National Championship D2
- Organising body: LNFF (FAF)
- Founded: 2008; 18 years ago
- Country: Algeria
- Confederation: CAF
- Number of clubs: 27
- Level on pyramid: 2
- Promotion to: Elite National Championship
- Relegation to: National Championship D3
- Domestic cup: Algerian W-Cup
- Current champions: JS Saoura (Gr. East) MC Alger (Gr. Center) MC Oran (Gr. West) (2025-26)
- Website: lnff.dz
- Current: 2025–26 National Champ.
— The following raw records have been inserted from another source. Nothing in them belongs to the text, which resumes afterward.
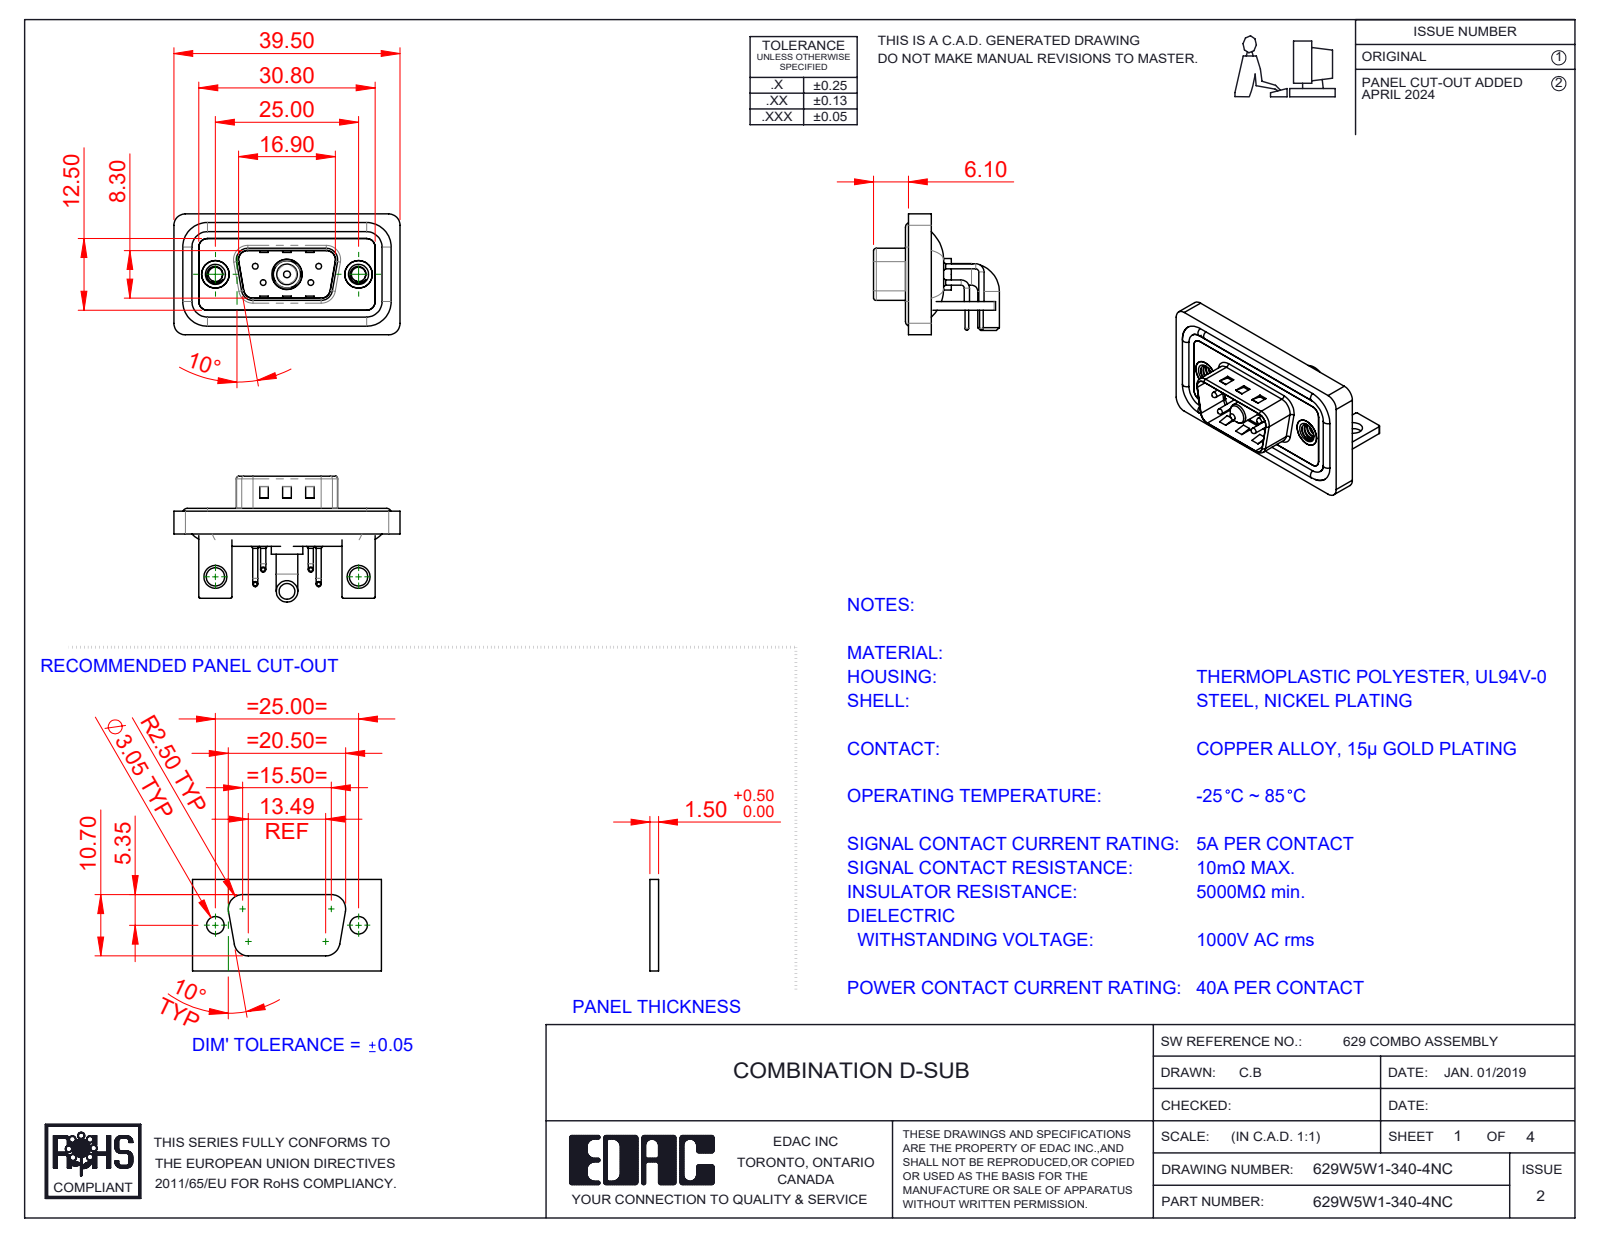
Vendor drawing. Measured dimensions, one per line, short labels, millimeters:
name: 629Combo Shell Rear_09 Contacts; 629Combo Threaded Rivet_B; 629Combo Shell Front_09 Contacts; Power Pin_40A RA (+6 more)
written by: SolidWorks 2023 (CONFIG_CONTROL_DESIGN)
unit: mm
bodies: 15 solids, 932 faces (431 planar, 363 cylindrical, 138 other)
size: 39.5 × 21.98 × 21.1
volume: 4 821 mm³; area: 7 796 mm²
holes: 4× ⌀0.75, 4× ⌀1.6, 4× ⌀2, 2× ⌀2.5, 2× ⌀3.2, 2× ⌀4, 2× ⌀4.8, 2× ⌀5, 1× ⌀4.85, 1× ⌀5.3
bosses: 8× ⌀0.9, 4× ⌀1.6, 4× ⌀1.5, 4× ⌀1, 4× ⌀0.65, 2× ⌀4.9, 2× ⌀3.75, 1× ⌀5.5
rounds: 19× R2, 18× R1.5, 16× R0.25, 9× R0.5, 8× R1.6, 4× R0.6, 4× R0.65, 4× R0.9
face distances: 0.4, 1.5, 0.8, 2.9, 1.1, 2.1, 1.2, 1.6, 2.5, 3.7
hole spacings: 3.16, 5.72, 7.1, 12.5, 18.1, 25, 4.39, 4.4
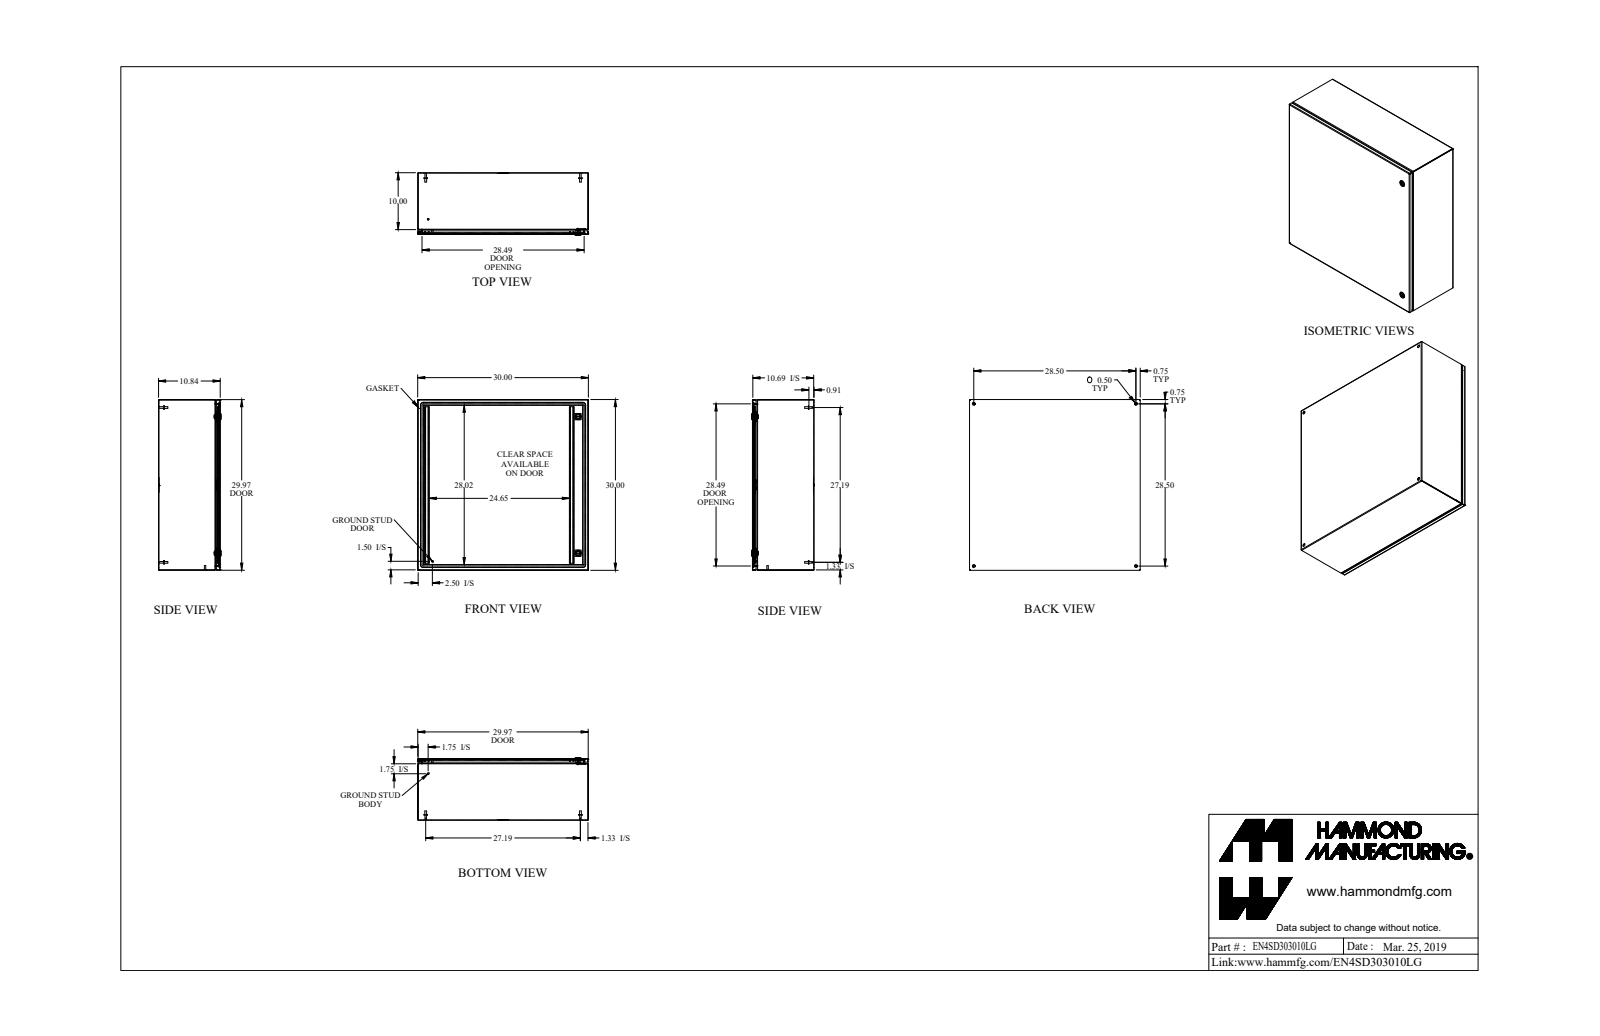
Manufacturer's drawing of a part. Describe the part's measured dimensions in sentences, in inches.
The part is named "EN4SD303010LG". Its 3-D file was written by "SolidWorks 2019 (AUTOMOTIVE_DESIGN)". It is 31 solids with 854 faces: 395 planar, 295 cylindrical and 164 other. Overall it measures 30 by 30 by 10.997 inches. Its volume is 248.1 cubic inches and its surface area 6 948 square inches. Round holes: 4 of diameter 0.5, 2 of diameter 0.232, 2 of diameter 0.625, 2 of diameter 0.785, 1 of diameter 0.172, 1 of diameter 0.24, 1 of diameter 0.242. Round bosses or shafts: 4 of diameter 0.625, 4 of diameter 0.313, 4 of diameter 0.27, 2 of diameter 1.1, 2 of diameter 0.525, 2 of diameter 0.281, 2 of diameter 0.25, 1 of diameter 0.455. Partial cylindrical surfaces (rounded edges, fillets, slot ends): 24 of radius 0.108, 16 of radius 0.036, 12 of radius 0.043, 12 of radius 0.081, 12 of radius 0.382, 8 of radius 19.003, 6 of radius 0.006, 6 of radius 0.062. The main face-to-face distances are 0.072, 10.765, 29.928, 10.693, 10.837, 29.856, 30, 0.837, 9.928, 0.75. The hole center spacings are 28.5, 2.493, 26.272, 27.519, 37.964, 40.305, 23.999.
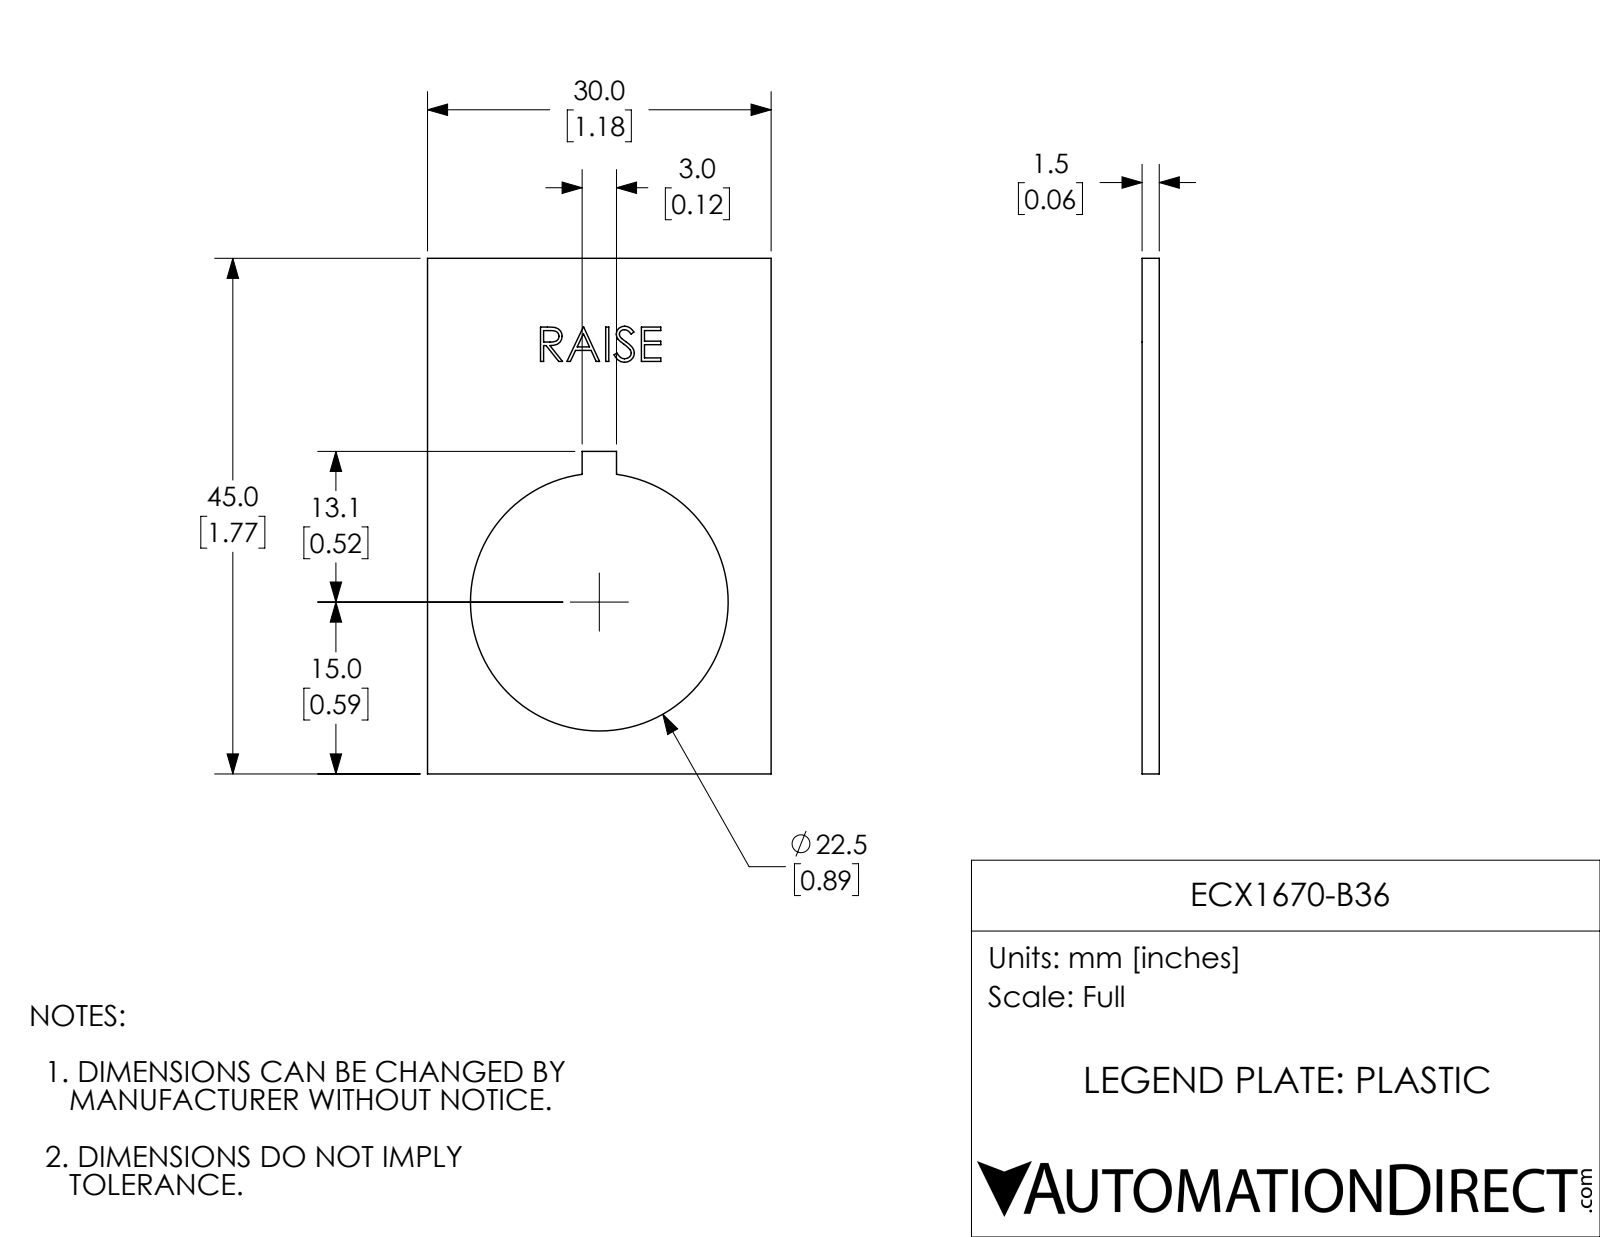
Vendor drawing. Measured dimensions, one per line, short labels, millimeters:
name: ECX1670-B36
written by: SolidWorks 2017 (AUTOMOTIVE_DESIGN)
unit: mm
bodies: 1 solid, 79 faces (56 planar, 3 cylindrical, 20 other)
size: 45 × 30 × 1.5
volume: 1 400 mm³; area: 2 232 mm²
holes: 1× ⌀22.5
face distances: 1.5, 30, 45, 1.5, 13.5, 16.5, 28.1, 16.8, 3, 0.3

D2

= Algerian Women's Championship D2 =

The National Championship Division 2 (البطولة الوطنية للقسم الثاني) is the second-highest division of women's association football in Algeria. The competition is run by the Ligue Nationale du Football Féminin under the auspices of the Algerian Football Federation.

==History==
Ten years after the creation of the first women's division in 1998, a national league of two divisions (D1 and D2) was created in the 2008–09 season under the auspices of the Ligue Nationale du Football (LNF). The level was named Division 2 National Championship, it changed the name to Division 1 National Championship since the 2022–23 season after creation of the third division. From the 2025–26 edition, the competition returned to it initial name.

==Champions==
The list of winners and runners-up:

| Year | Groups | Winners | Runners-up |
| 2008–09 |  |  |  |
| 2009–10 |  |  |  |
| 2010–11 |  |  |  |
| 2011–12 | — | AS Intissar Oran ^{P} |  |
| 2012–13 | West | AS Jawharat Canastel^{P} |  |
| Center | AS Sûreté Nationale ^{P} |  |
| East | MO Khroub ^{P} |  |
| 2013–14 |  |  |  |
| 2014–15 |  |  |  |
| 2015–16 | Center-west | SF El Attaf ^{P} |  |
| Center-east | AFW Oum Bouaghi ^{P} |  |
| 2016–17 | Center-west | ESF Amizour ^{P} |  |
| Center-east | AC Biskra ^{P} |  |
| 2017–18 | — | SMB Touggourt ^{P} |  |
| 2018–19 | Center-west | AS Oran Centre ^{P} |  |
| Center-east | AR Guelma ^{P} |  |
| 2019–20 | canceled because of the COVID-19 pandemic in Algeria |  |  |
| 2020–21 | canceled |  |  |
2021–22
| 2022–23 | Center-west | AS Evasion Bejaia ^{P} | CSASF Temouchent |
| Center-east | USF Bejaia ^{P} | Wafa Hassi Messaoud |
| 2023–24 | Center-west | AS Oran Centre ^{P} | ASO Chlef |
| Center-east | CE Atletic Setif ^{P} | CFN Boumerdes |
| 2024–25 | West | RS Tissemsilt ^{P} | CSA Jawharat Canastel |
| Center | JS Kabylie ^{P} | CR Belouizdad ^{P} |
| East | ALS Batna ^{P} | Olympique M'chedallah |
| South | AC Biskra ^{P} | EFJB Ouargla |
| 2025–26 | West | MC Oran ^{P} | MC El Bayadh |
| Center | MC Alger ^{P} | USM Alger ^{P} |
| East | JS Saoura ^{P} | ES Sétif |

Notes:
- In ^{P} are the teams who were promoted to Elite National Championship.
- CSA Jawharat Canastel (ex. AS Jawharat Canastel).